I agree. Just keep watching for signs that you mentioned for another day or so, but I'm guessig he will be just fine. Bet he wont try that for awhile!


----------



## Nicole74 (May 30, 2009)

LOL... Silly pup! I'm sure he is fine if you don't see him limping.


----------



## pt83 (Sep 29, 2009)

Thank you for relieving responses! I'll continue to monitor him for sure, I hope nothing is broken :crossfing

He was very very naughty and silly.. you might have laughed if you saw what happened. He jumped off from bed and ran off to the living room and i was behind him freaking out! He was then just sit and looked at me like i was crazy (well, i was) :doh:


----------



## Maxs Mom (Mar 22, 2008)

My dogs as youngsters all had their first run ins with gravity. I am sure your pup will be fine if you have not seen any issues as of yet. Now maybe just maybe (or maybe not) your pup will feel a little less invincible.


----------



## Willow52 (Aug 14, 2009)

I'm sure he's fine. Puppies seem to bounce! When Hank was tiny he'd jumped out of my arms many times, that is until I learned he didn't like being held!


----------



## pt83 (Sep 29, 2009)

Thank you, i really am relieved 



Maxs Mom said:


> My dogs as youngsters all had their first run ins with gravity. I am sure your pup will be fine if you have not seen any issues as of yet. *Now maybe just maybe (or maybe not) your pup will feel a little less invincible.*


Not likely... my pup still running around and bouncing like nothing could hurt him :uhoh:
Just earlier he was trying to jump up onto my bed, so after jumping off the bed, he's now trying to jump onto the bed :



Willow52 said:


> I'm sure he's fine. Puppies seem to bounce! When Hank was tiny he'd jumped out of my arms many times, that is until I learned he didn't like being held!


My pup likes being held, even has "the position" when I carry him.. just not too long.. he'd try to jump too if you held him for too long :


----------



## janine (Aug 8, 2009)

I bet he will be fine....Murphy jumped out of a shopping cart at the pet store (10 days ago and was fine) my husband thought he would be cute sitting in the cart. Really hard not to yell at husband in store! I know here I was worried about the stairs too...and he is jumping out of carts!!!


----------



## Mssjnnfer (Aug 9, 2009)

I hope he's feeling better today! It's amazing how tough they are LOL. I stub my toe and I'm out of commission all day. :doh:



janine said:


> I bet he will be fine....Murphy jumped out of a shopping cart at the pet store (10 days ago and was fine) my husband thought he would be cute sitting in the cart. Really hard not to yell at husband in store! I know here I was worried about the stairs too...and he is jumping out of carts!!!

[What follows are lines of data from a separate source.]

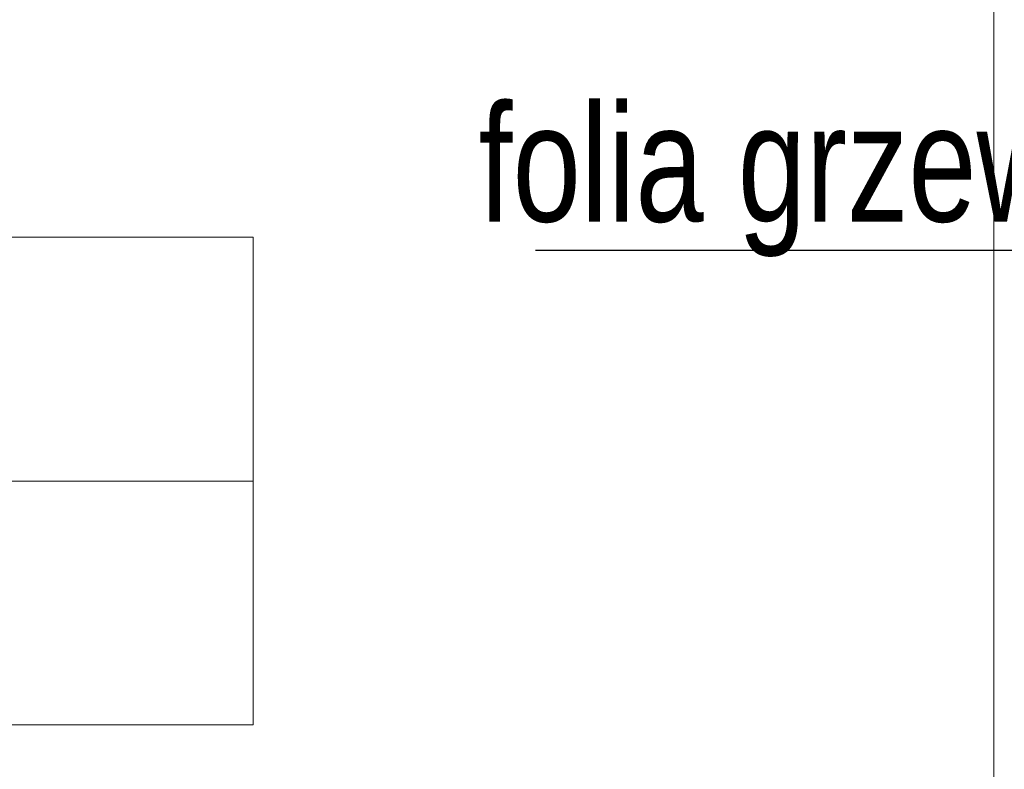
# Model space of a CAD drawing. Header units: inches. Extents: x 67073 to 287261, y -76160 to 48412.
# Tile 58 of 117: x 83685 to 83786, y -41735 to -41658. Entities that reach past the tile are written whole.
import ezdxf

# ---------------------------------------------------------------- set-up
doc = ezdxf.new("R2010")
doc.units = ezdxf.units.IN
doc.header["$MEASUREMENT"] = 0
doc.layers.add('## 04 grzejniki opis', color=102, linetype='Continuous')
doc.layers.add('p--opisy pomieszczeń', color=31, linetype='Continuous', lineweight=0)
doc.layers.add('p--płyta GK', color=2, linetype='Continuous', lineweight=0)
doc.styles.get("Standard").update_dxf_attribs({"font": 'ARIAL.TTF', "width": 0.75})

msp = doc.modelspace()

# ---------------------------------------------------------------- linework, layer by layer
at = {"layer": '## 04 grzejniki opis'}
msp.add_line((83737.872, -41681.472), (83879.28, -41681.472), dxfattribs=at)
at = {"layer": 'p--opisy pomieszczeń', "color": 0}
msp.add_line((83708.986, -41705.134), (83538.986, -41705.134), dxfattribs=at)
msp.add_lwpolyline([(83538.986, -41730.134), (83708.986, -41730.134), (83708.986, -41680.134), (83538.986, -41680.134)], close=True, dxfattribs=at)
at = {"layer": 'p--płyta GK', "color": 0, "ltscale": 35}
msp.add_line((83784.835, -41838.173), (83784.835, -41607.473), dxfattribs=at)

# ---------------------------------------------------------------- texts
at = {"layer": '## 04 grzejniki opis', "insert": (83868.992, -41666.547), "char_height": 12, "attachment_point": 3}
msp.add_mtext('folia grzewcza 220W/m2\\PP= 2,0m2', dxfattribs=at)

doc.saveas('drawing.dxf')

LMAO. You're right, it's SO hard not to yell in the store! Usually I will just give like a death glare and he's knows he's going to get it when we get back in the car. :curtain:


----------



## MorningGlory (Aug 11, 2009)

What a perfect puppy that you have. 

I remember at 6 months the zoomies hit. She was running so fast and ran right into the corner of the door jam. Her eye was a bit swollen for a few hours but she lived (and maintained her sight). I didn't teach a thing--she still can't control; herself when the zoomies hit. She is 100% out of control. 

Enjoy each silly moment they show you.


----------



## pt83 (Sep 29, 2009)

MorningGlory said:


> What a perfect puppy that you have.
> 
> I remember at 6 months the zoomies hit. She was running so fast and ran right into the corner of the door jam. Her eye was a bit swollen for a few hours but she lived (and maintained her sight). I didn't teach a thing--she still can't control; herself when the zoomies hit. She is 100% out of control.
> 
> Enjoy each silly moment they show you.


Thanks

And yeah, he zooms around too sometimes, especially when he was about to chew the furniture and i said no.. and he moved to the wall scratching at the wallpaper and i said no.. next thing i know he's grabbing one of this toy and zooming around the place with the toy.

Silly pup :


----------



## tippykayak (Oct 27, 2008)

If he ain't limping, he probably ain't hurt. Puppies tend to be dramatic about things like that, in my experience. Don't sweat it: he'll bang into a few more things before puppyhood is over.


----------



## pt83 (Sep 29, 2009)

tippykayak said:


> If he ain't limping, he probably ain't hurt. Puppies tend to be dramatic about things like that, in my experience. Don't sweat it: he'll bang into a few more things before puppyhood is over.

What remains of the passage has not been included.